Debbie thought that Skip Ewing could be that person, and it just happened that Carrie had worked at his booking agency. She called Skip’s manager to set up a meeting.

“It took three months to get the meeting,” Debbie recalls. “I had just returned from that trip to Asia. I met them at the Pancake Pantry in Nashville. I was so nervous. I told him about the idea. There was silence. I told Skip that I had also mentioned the idea to Bill Anderson. He looked at me and said, “I’m writing with Bill this morning. Why don’t you come over and we’ll see what happens.’ I had no idea he was writing with Bill that morning! The stars lined up for us that day.”

Debbie and Skip went to the Acuff-Rose offices and worked all day on “Wish You Were Here.” They put finishing touches on it the next day, Skip did a demo, and within a month Carson Chamberlain had put it on hold at Mercury.

Months later the writers heard that Mark Wills had recorded the song, then it was going to be the album title, and finally that it was going to be a single.

The album was released in May ’98 and the single in January ’99. It went to number one on all three country charts in April ’99, almost three years to the month that Debbie and Skip met at the Pancake Pantry.

“That just goes to show you how patient you have to be in this business,” Debbie acknowledges.

She started writing songs when she was a teenager, but in the last four years she really began concentrating on her songwriting, attending songwriter workshops and camps as well as reading books on the subject. “I’ve learned a lot from that, and from co-writing. Because of the success of “Wish You Were Here,” I’ve had the opportunity to write with some great songwriters, and I’m very thankful for that.”

Debbie says she doesn’t know what to tell other songwriters. “I really didn’t have a plan.
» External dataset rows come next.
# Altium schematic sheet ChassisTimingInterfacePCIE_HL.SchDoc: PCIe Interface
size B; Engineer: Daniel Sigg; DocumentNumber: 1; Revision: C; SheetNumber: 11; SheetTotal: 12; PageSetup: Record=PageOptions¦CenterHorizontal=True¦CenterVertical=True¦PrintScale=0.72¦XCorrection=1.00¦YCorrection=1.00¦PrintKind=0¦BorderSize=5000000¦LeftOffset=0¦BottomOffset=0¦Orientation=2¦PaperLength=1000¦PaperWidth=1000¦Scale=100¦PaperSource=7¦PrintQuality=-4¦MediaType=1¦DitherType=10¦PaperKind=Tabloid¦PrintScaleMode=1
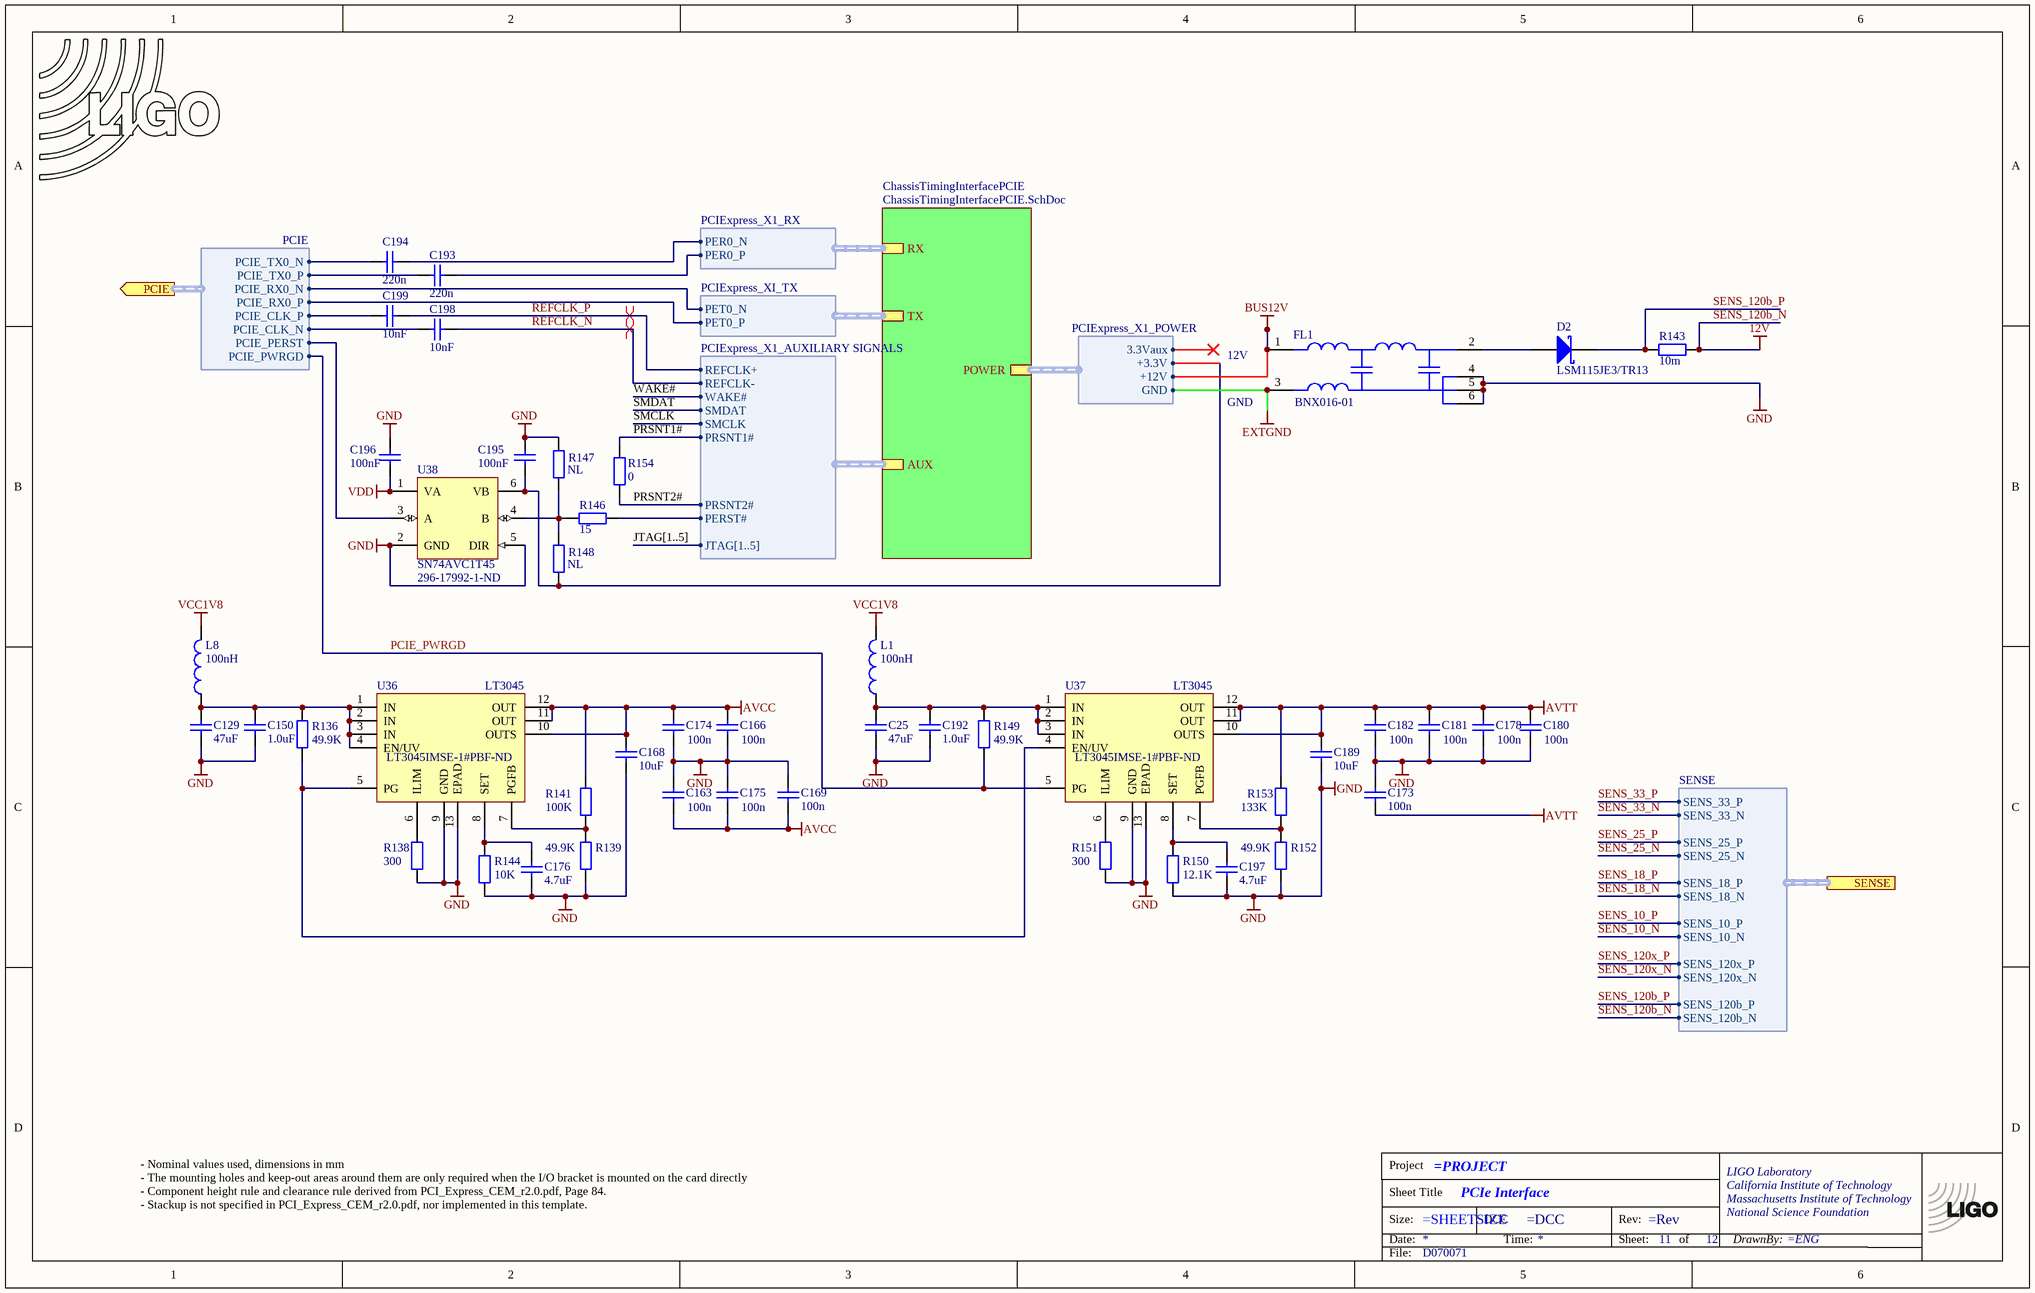
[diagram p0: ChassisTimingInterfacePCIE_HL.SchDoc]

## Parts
*?  TitleBlock  (value not drawn)  (graphical)
C25  47uF  [CC3216-1206]
C129  47uF  [CC3216-1206]
C150  1.0uF  [CC1608-0603]
C163  100n  [CAPC0603X33X15NL03T05]
C166  100n  [CAPC0603X33X15NL03T05]
C168  10uF  [CC2013-0805]
C169  100n  [CAPC0603X33X15NL03T05]
C173  100n  [CAPC0603X33X15NL03T05]
C174  100n  [CAPC0603X33X15NL03T05]
C175  100n  [CAPC0603X33X15NL03T05]
C176  4.7uF  [CC1608-0603]
C178  100n  [CAPC0603X33X15NL03T05]
C180  100n  [CAPC0603X33X15NL03T05]
C181  100n  [CAPC0603X33X15NL03T05]
C182  100n  [CAPC0603X33X15NL03T05]
C189  10uF  [CC2013-0805]
C192  1.0uF  [CC1608-0603]
C193  220n  [CC1005-0402]
C194  220n  [CC1005-0402]
C195  100nF  [CC1005-0402]
C196  100nF  [CC1005-0402]
C197  4.7uF  [CC1608-0603]
C198  10nF  [CC1005-0402]
C199  10nF  [CC1005-0402]
D2  LSM115JE3/TR13  [MCSM-DO-214BA-2_L]
FL1  BNX016-01  [MURA-BNX016-01_V]
L1  100nH  [CL2520-1008]
L8  100nH  [CL2520-1008]
LOGO?  LIGO logo  [LIGO_LOGO]  (value not drawn)  (graphical)
R136  49.9K  [CR1005-0402]
R138  300  [CR1005-0402]
R139  49.9K  [CR1005-0402]
R141  100K  [CR1005-0402]
R143  10m  [CC3216-1206]
R144  10K  [CR1005-0402]
R146  15  [CR1005-0402]
R147  NL  [CR1005-0402]
R148  NL  [CR1005-0402]
R149  49.9K  [CR1005-0402]
R150  12.1K  [CR1005-0402]
R151  300  [CR1005-0402]
R152  49.9K  [CR1005-0402]
R153  133K  [CR1005-0402]
R154  0  [CR1005-0402]
U36  LT3045  Supplier Part Number 1: LT3045IMSE-1#PBF-ND  [MSOP12_PAD]
U37  LT3045  Supplier Part Number 1: LT3045IMSE-1#PBF-ND  [MSOP12_PAD]
U38  SN74AVC1T45  Supplier Part Number 1: 296-17992-1-ND  [SC70]

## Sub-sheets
ChassisTimingInterfacePCIE = ChassisTimingInterfacePCIE.SchDoc: RX (harness PCIExpress_X1_RX), TX (harness PCIExpress_XI_TX), AUX (harness PCIExpress_X1_AUXILIARY SIGNALS), POWER (harness PCIExpress_X1_POWER)

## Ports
PCIE (out, harness PCIE), SENSE (harness SENSE)

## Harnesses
PCIExpress_X1_RX: PER0_N, PER0_P
PCIE: PCIE_CLK_N, PCIE_CLK_P, PCIE_RX0_N, PCIE_RX0_P, PCIE_TX0_N, PCIE_TX0_P, PCIE_PERST, PCIE_PWRGD
PCIExpress_XI_TX: PET0_N, PET0_P
PCIExpress_X1_POWER: +3.3V, +12V, GND, 3.3Vaux
PCIExpress_X1_AUXILIARY SIGNALS: JTAG[1..5], PERST#, PRSNT1#, PRSNT2#, REFCLK+, REFCLK-, SMCLK, SMDAT, WAKE#
SENSE: SENS_33_P, SENS_33_N, SENS_25_P, SENS_25_N, SENS_18_P, SENS_18_N, SENS_10_P, SENS_10_N, SENS_120x_P, SENS_120x_N, SENS_120b_P, SENS_120b_N

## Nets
AVCC: C163.1 C166.2 C168.2 C169.1 C174.2 C175.1 R141.2 U36.10(OUTS) U36.11(OUT) U36.12(OUT)
AVTT: C173.1 C178.2 C180.2 C181.2 C182.2 C189.2 R153.2 U37.10(OUTS) U37.11(OUT) U37.12(OUT)
BUS12V: FL1.1(B) ; sheet ChassisTimingInterfacePCIE/POWER.+12V
EXTGND: FL1.3(PSG) ; sheet ChassisTimingInterfacePCIE/POWER.GND
GND: C25.1 C129.1 C150.1 C163.2 C166.1 C168.1 C169.2 C173.2 C174.1 C175.2 C176.1 C178.1 C180.1 C181.1 C182.1 C189.1 C192.1 C195.2 C196.2 C197.1 FL1.4(CG) FL1.5(CG) FL1.6(CG) R138.1 R139.1 R144.1 R147.1 R150.1 R151.1 R152.1 U36.9(GND) U36.13(EPAD) U37.9(GND) U37.13(EPAD) U38.2(GND) U38.5(DIR)
SENS_120b_N: R143.2 ; port SENSE.SENS_120b_N  [also labelled 12V]
VCC1V8: L1.2 L8.2
VDD: C196.1 U38.1(VA)
PCIE_PWRGD: R149.1 U37.5(PG) ; port PCIE.PCIE_PWRGD
PRSNT1#: R154.2 ; sheet ChassisTimingInterfacePCIE/AUX.PRSNT1#
PRSNT2#: R154.1 ; sheet ChassisTimingInterfacePCIE/AUX.PRSNT2#
REFCLK_N: C198.1 ; sheet ChassisTimingInterfacePCIE/AUX.REFCLK-
REFCLK_P: C199.1 ; sheet ChassisTimingInterfacePCIE/AUX.REFCLK+
SENS_120b_P: D2.2(K) R143.1 ; port SENSE.SENS_120b_P
NetC25_2: C25.2 C192.2 L1.1 R149.2 U37.1(IN) U37.2(IN) U37.3(IN)
NetC129_2: C129.2 C150.2 L8.1 R136.2 U36.1(IN) U36.2(IN) U36.3(IN) U36.4(EN/UV)
NetC176_2: C176.2 R144.2 U36.8(SET)
NetC193_1: C193.1 ; sheet ChassisTimingInterfacePCIE/RX.PER0_P
NetC193_2: C193.2 ; port PCIE.PCIE_TX0_P
NetC194_1: C194.1 ; sheet ChassisTimingInterfacePCIE/RX.PER0_N
NetC194_2: C194.2 ; port PCIE.PCIE_TX0_N
NetC195_1: C195.1 R148.2 U38.6(VB) ; sheet ChassisTimingInterfacePCIE/POWER.+3.3V
NetC197_2: C197.2 R150.2 U37.8(SET)
NetC198_2: C198.2 ; port PCIE.PCIE_CLK_N
NetC199_2: C199.2 ; port PCIE.PCIE_CLK_P
NetD2_1: D2.1(A) FL1.2(CB)
NetR136_1: R136.1 U36.5(PG) U37.4(EN/UV)
NetR138_2: R138.2 U36.6(ILIM)
NetR139_2: R139.2 R141.1 U36.7(PGFB)
NetR146_1: R146.1 ; sheet ChassisTimingInterfacePCIE/AUX.PERST#
NetR146_2: R146.2 R147.2 R148.1 U38.4(B)
NetR151_2: R151.2 U37.6(ILIM)
NetR152_2: R152.2 R153.1 U37.7(PGFB)
NetU38_3: U38.3(A) ; port PCIE.PCIE_PERST
(unnamed): port PCIE.PCIE_RX0_N, sheet ChassisTimingInterfacePCIE/TX.PET0_N
(unnamed): port PCIE.PCIE_RX0_P, sheet ChassisTimingInterfacePCIE/TX.PET0_P  [a separate net that carries the same name]

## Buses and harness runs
bus JTAG[1..5]

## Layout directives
differential pair: REFCLK_N, REFCLK_P

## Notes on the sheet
- (near FL1) 12V
- (near FL1) GND
- - Nominal values used, dimensions in mm
  - The mounting holes and keep-out areas around them are only required when the I/O bracket is mounted on the card directly
  - Component height rule and clearance rule derived from PCI_Express_CEM_r2.0.pdf, Page 84.
  - Stackup is not specified in PCI_Express_CEM_r2.0.pdf, nor implemented in this template.

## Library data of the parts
C25 C129 = ChipCap: C1206 47uF; Part Number: 490-16268-1-ND; Tolerance: 10%
C150 C192 = ChipCap: C0603 1.0uF; Part Number: 1276-1184-1-ND; Tolerance: 10%
C163 C166 C169 C173-C175 C178 C180-C182 = CMP-2010-00306-1: C0201 0.1uF; Part Number: CL03A474MR3NNNC; Tolerance: 10%
C168 C189 = ChipCap: C0805 10uF; Part Number: 1276-6454-1-ND; Tolerance: 10%
C176 C197 = ChipCap: C0603 4.7uF; Part Number: 1276-2087-1-ND; Tolerance: 10%
C193 C194 = ChipCap: C0402 0.22uF; Part Number: 587-6021-1-ND; Tolerance: 10%
C195 C196 = ChipCap: C0402 0.1uF; Part Number: 1276-6720-1-ND; Tolerance: 10%
C198 C199 = ChipCap: C0402 0.01uF; Part Number: 311-1349-1-ND; Tolerance: 10%
D2 = CMP-2000-06604-1: Ultra Low Forward Voltage Schottky Rectifier, 15 V, -55 to 100 degC, 2-Pin Molded, RoHS, Tape and Reel; Part Number: LSM115JE3/TR13CT-ND
FL1 = CMP-2000-05960-1: Block Type EMIFIL(R) Reference Specification, 15 A, 25 V, -40 to 125 degC, 6-Pin THD, RoHS, Bulk; Part Number: 490-5055-ND
L1 L8 = ChipInductor: Inductor; Part Number: 994-1008CS-101XJLC
LOGO? = LIGO_logo
R136 R139 R149 R152 = ChipRes1: R0402 49.9k; Part Number: RR05P49.9KDCT-ND; Tolerance: 0.1%
R138 R151 = ChipRes1: R0402 300; Part Number: RR05P300DCT-ND; Tolerance: 0.1%
R141 = ChipRes1: R0402 100k; Part Number: RR05P100KDCT-ND; Tolerance: 0.1%
R143 = ChipRes1: R1206 10m; Part Number: 273-PCS1206DR0100ETCT-ND; Tolerance: 0.1%
R144 = ChipRes1: R0402 10k; Part Number: RR05P10.0KDCT-ND; Tolerance: 0.1%
R146 = ChipRes1: R0402 15; Part Number: A127144CT-ND; Tolerance: 0.1%
R147 R148 = ChipRes1: Resistor, surface mount; Tolerance: 0.1%
R150 = ChipRes1: R0402 12.1k; Part Number: RR05P12.1KDCT-ND; Tolerance: 0.1%
R153 = ChipRes1: R0402 133k; Part Number: A127523CT-ND; Tolerance: 0.1%
R154 = ChipRes1: R0402 0; Part Number: 541-2877-1-ND; Tolerance: 0.1%
U36 U37 = LT3045: 20V, 500mA, Ultralow Noise, / Ultrahigh PSRR Linear Regulator
U38 = SN74LVC1T45: Single-Bit Dual Supply Transceiver

I moved to Nashville in 1984 to be a country singer. I still pursue that dream on a daily basis and still work the road a lot.

“I would say never give up. Get to know as many people as you can. Work on your dream every day. As the saying goes, ‘Do what you love and the money will follow’. I really believe that.

I’ve also read that when Hank Williams wrote ‘I’m So Lonesome I Could Cry,” he wasn’t thinking about royalties, his guts were aching. So, I think you have to live it, feel it and get it on paper!”